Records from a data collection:

=== Section Start ===

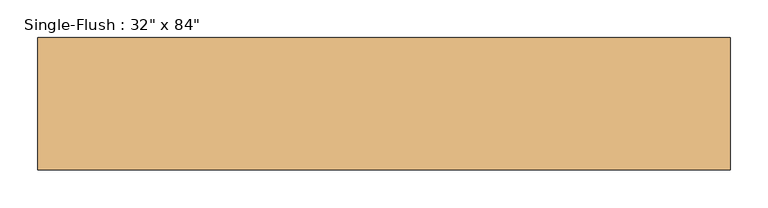
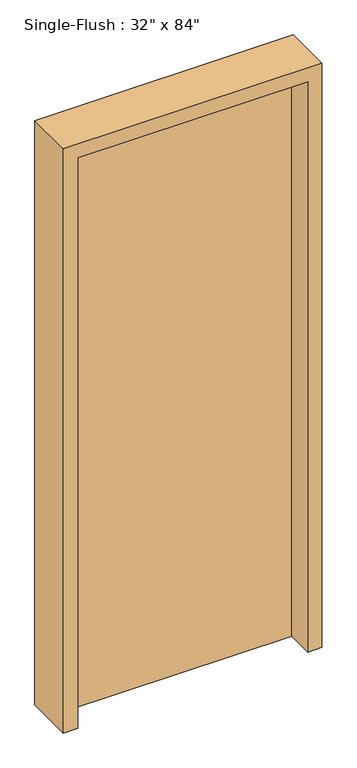
"""IFC4 building model written with IfcOpenShell, lengths in millimetres: door geometry."""

from ifc_helpers import new_model, si_unit, frame, origin, origin_with_axes, place, context, project, spatial, polyline, outline, extrude, source, transform, mapped, element, save


def door_dfb73b2b(model_context):
    return source(origin(), model_context, "Body", "SweptSolid", [
        extrude(outline(polyline([(2184.4, 457.2), (2184.4, -457.2), (0.0, -457.2), (0.0, -406.4), (2133.6, -406.4), (2133.6, 406.4), (0.0, 406.4), (0.0, 457.2), (2184.4, 457.2)])), frame((0.0, -87.3125, 0.0), z_axis=(0.0, 1.0, 0.0), x_axis=(0.0, 0.0, 1.0)), (0.0, 0.0, 1.0), 174.625),
        extrude(outline(polyline([(406.4, 11.1125), (-406.4, 11.1125), (-406.4, 61.9125), (406.4, 61.9125), (406.4, 11.1125)])), origin_with_axes(), (0.0, 0.0, 1.0), 2133.6),
    ])


if __name__ == "__main__":
    model = new_model("IFC4")
    model_context = context("Model", 3, world=origin())
    ifc_project = project(units=[si_unit("LENGTHUNIT", "METRE", prefix="MILLI")], contexts=[model_context])
    site = spatial("IfcSite", under=ifc_project)
    building = spatial("IfcBuilding", under=site)
    placement = place(None, origin())
    door_shape = door_dfb73b2b(model_context)
    element("IfcDoor", 1, ObjectType="Single-Flush : 32\" x 84\"", at=placement, inside=building, context=model_context, shape_type="MappedRepresentation", body=[
        mapped(door_shape, transform((0.0, 0.0, 0.0), x_axis=(1.0, 0.0, 0.0), y_axis=(0.0, 1.0, 0.0), z_axis=(0.0, 0.0, 1.0))),
    ])
    save(model, "model.ifc")

# Revit data of these elements
# Type "Single-Flush : 32\" x 84\""
#   Type Mark = "10"
#   Construction Type Id = "MDOOR"
#   Assembly Code = "C1020"
#   Analytic Construction = "Metal"
#   Thickness = 0' - 2"
#   Thermal Resistance (R) = 0.270117 (m²·K)/W
#   Heat Transfer Coefficient (U) = 3.7021 W/(m²·K)
#   Height = 7' - 0"
#   Trim Projection Ext = 0' - 1"
#   Trim Projection Int = 0' - 1"
#   Trim Width = 0' - 2"
#   Width = 2' - 8"
#   Door Material = Door - Panel
#   Frame Material = Door - Frame
#   Visual Light Transmittance = 0
#   Solar Heat Gain Coefficient = 0
#   Function = (empty or 0)
#   Wall Closure = (empty or 0)
# Element 1 (IfcDoor, "Single-Flush : 32\" x 84\"")
#   Materials on its faces: "Door - Frame", "Door - Panel"
# Materials
#   "Door - Panel": class "Wood", colour RGB 212 179 113, transparency 0, Cost = 0
#   "Door - Frame": class "Miscellaneous", colour RGB 65 65 65, transparency 0, Cost = 0
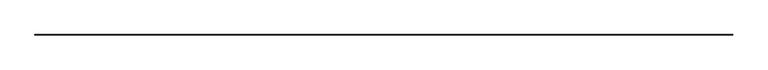
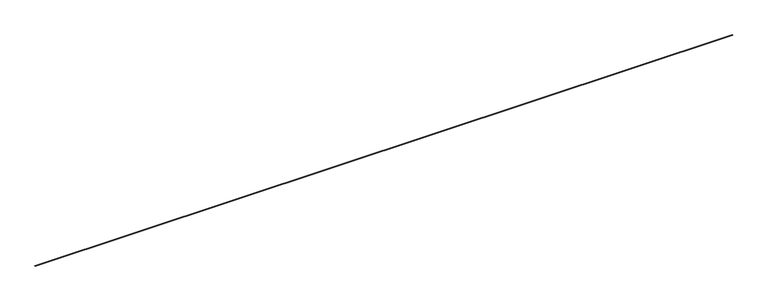
"""IFC4 building model written with IfcOpenShell, lengths in millimetres: proxy geometry, Inner panel:Inner panel:1:Inner panel:1 : Inner panel:Inner panel:300324:2:Inner panel:1:Inner panel:1 : Inner panel:Inner panel:300324:2 : Inner panel:Inner panel:1:Inner panel:1 : Inner panel:Inner panel:300324:300043:10 : Inner panel:Inner panel:1:Inner panel:1 : Inner panel:Inner panel:300324:2:Inner panel:1:Inner panel:1 : Inner panel:Inner panel:300324:2 : Inner panel:Inner panel:1:Inner panel:1 : Inner panel:Inner panel:300324:300043:308120."""

from ifc_helpers import new_model, si_unit, frame, origin, place, context, project, spatial, polyline, outline, extrude, source, transform, mapped, element, save


def generic_models_ceca976f(model_context):
    return source(origin(), model_context, "Body", "SweptSolid", [
        extrude(outline(polyline([(-568255.3503852, 8762.7000209), (-568256.9365089, 8800.7669909), (-568218.8695388, 8802.3531147), (-568217.2834151, 8764.2861446), (-568255.3503852, 8762.7000209)]), holes=[polyline([(-568253.0703323, 8765.1783392), (-568219.7617335, 8766.5661975), (-568221.1495917, 8799.8747963), (-568254.4581906, 8798.4869381), (-568253.0703323, 8765.1783392)])]), frame((579104.5117239, 0.0, 0.0), z_axis=(1.0, 0.0, 0.0), x_axis=(0.0, 1.0, 0.0)), (0.0, 0.0, 1.0), 88442.8),
    ])


if __name__ == "__main__":
    model = new_model("IFC4")
    model_context = context("Model", 3, world=origin())
    ifc_project = project(units=[si_unit("LENGTHUNIT", "METRE", prefix="MILLI")], contexts=[model_context])
    site = spatial("IfcSite", under=ifc_project)
    building = spatial("IfcBuilding", under=site)
    placement = place(None, origin())
    generic_models_shape = generic_models_ceca976f(model_context)
    element("IfcBuildingElementProxy", 1, Name="Inner panel:Inner panel:1:Inner panel:1 : Inner panel:Inner panel:300324:2:Inner panel:1:Inner panel:1 : Inner panel:Inner panel:300324:2 : Inner panel:Inner panel:1:Inner panel:1 : Inner panel:Inner panel:300324:300043:10 : Inner panel:Inner panel:1:Inner panel:1 : Inner panel:Inner panel:300324:2:Inner panel:1:Inner panel:1 : Inner panel:Inner panel:300324:2 : Inner panel:Inner panel:1:Inner panel:1 : Inner panel:Inner panel:300324:300043:308120", ObjectType="Inner panel:Inner panel:1:Inner panel:1 : Inner panel:Inner panel:300324:2:Inner panel:1:Inner panel:1 : Inner panel:Inner panel:300324:2 : Inner panel:Inner panel:1:Inner panel:1 : Inner panel:Inner panel:300324:300043:10 : Inner panel:Inner panel:1:Inner panel:1 : Inner panel:Inner panel:300324:2:Inner panel:1:Inner panel:1 : Inner panel:Inner panel:300324:2 : Inner panel:Inner panel:1:Inner panel:1 : Inner panel:Inner panel:300324:300043:308120", at=placement, inside=building, context=model_context, shape_type="MappedRepresentation", body=[
        mapped(generic_models_shape, transform((0.0, 0.0, 0.0), x_axis=(1.0, 0.0, 0.0), y_axis=(0.0, 1.0, 0.0), z_axis=(0.0, 0.0, 1.0))),
    ])
    save(model, "model.ifc")

# Revit data of these elements
# Type "Inner panel:Inner panel:1:Inner panel:1 : Inner panel:Inner panel:300324:2:Inner panel:1:Inner panel:1 : Inner panel:Inner panel:300324:2 : Inner panel:Inner panel:1:Inner panel:1 : Inner panel:Inner panel:300324:300043:10 : Inner panel:Inner panel:1:Inner panel:1 : Inner panel:Inner panel:300324:2:Inner panel:1:Inner panel:1 : Inner panel:Inner panel:300324:2 : Inner panel:Inner panel:1:Inner panel:1 : Inner panel:Inner panel:300324:300043:308120"
#   NameOverride = "Inner panel:Inner panel:1:Inner panel:1 : Inner panel:Inner panel:300324:2:Inner panel:1:Inner panel:1 : Inner panel:Inner panel:300324:2 : Inner panel:Inner panel:1:Inner panel:1 : Inner panel:Inner panel:300324:300043:308120"
#   ObjectTypeOverride = "Inner panel:1:Inner panel:1 : Inner panel:Inner panel:300324:2 : Inner panel:Inner panel:1:Inner panel:1 : Inner panel:Inner panel:300324:300043"
#   Reference = "Inner panel"
#   Tag = "308120"
# Element 1 (IfcBuildingElementProxy, "Inner panel:Inner panel:1:Inner panel:1 : Inner panel:Inner panel:300324:2:Inner panel:1:Inner panel:1 : Inner panel:Inner panel:300324:2 : Inner panel:Inner panel:1:Inner panel:1 : Inner panel:Inner panel:300324:300043:10 : Inner panel:Inner panel:1:Inner panel:1 : Inner panel:Inner panel:300324:2:Inner panel:1:Inner panel:1 : Inner panel:Inner panel:300324:2 : Inner panel:Inner panel:1:Inner panel:1 : Inner panel:Inner panel:300324:300043:308120")
#   Materials on its faces: "1 1/2\" X 1 1/2\" x 1/8\" ALUM. TUBE (6061-T6) - (2) #16 WOOD SCREWS WITH 2.5\" EMBED AT EACH GLULAM - (1) SCREW AT ENDS"
# Materials
#   "1 1/2\" X 1 1/2\" x 1/8\" ALUM. TUBE (6061-T6) - (2) #16 WOOD SCREWS WITH 2.5\" EMBED AT EACH GLULAM - (1) SCREW AT ENDS": class "Unassigned", colour RGB 202 201 200, transparency 0, Cost = 0

=== Section End ===

Exercise brief.
Line count for the word "colour": tally the lines in the records that include it and give only the result.

Answer box.
3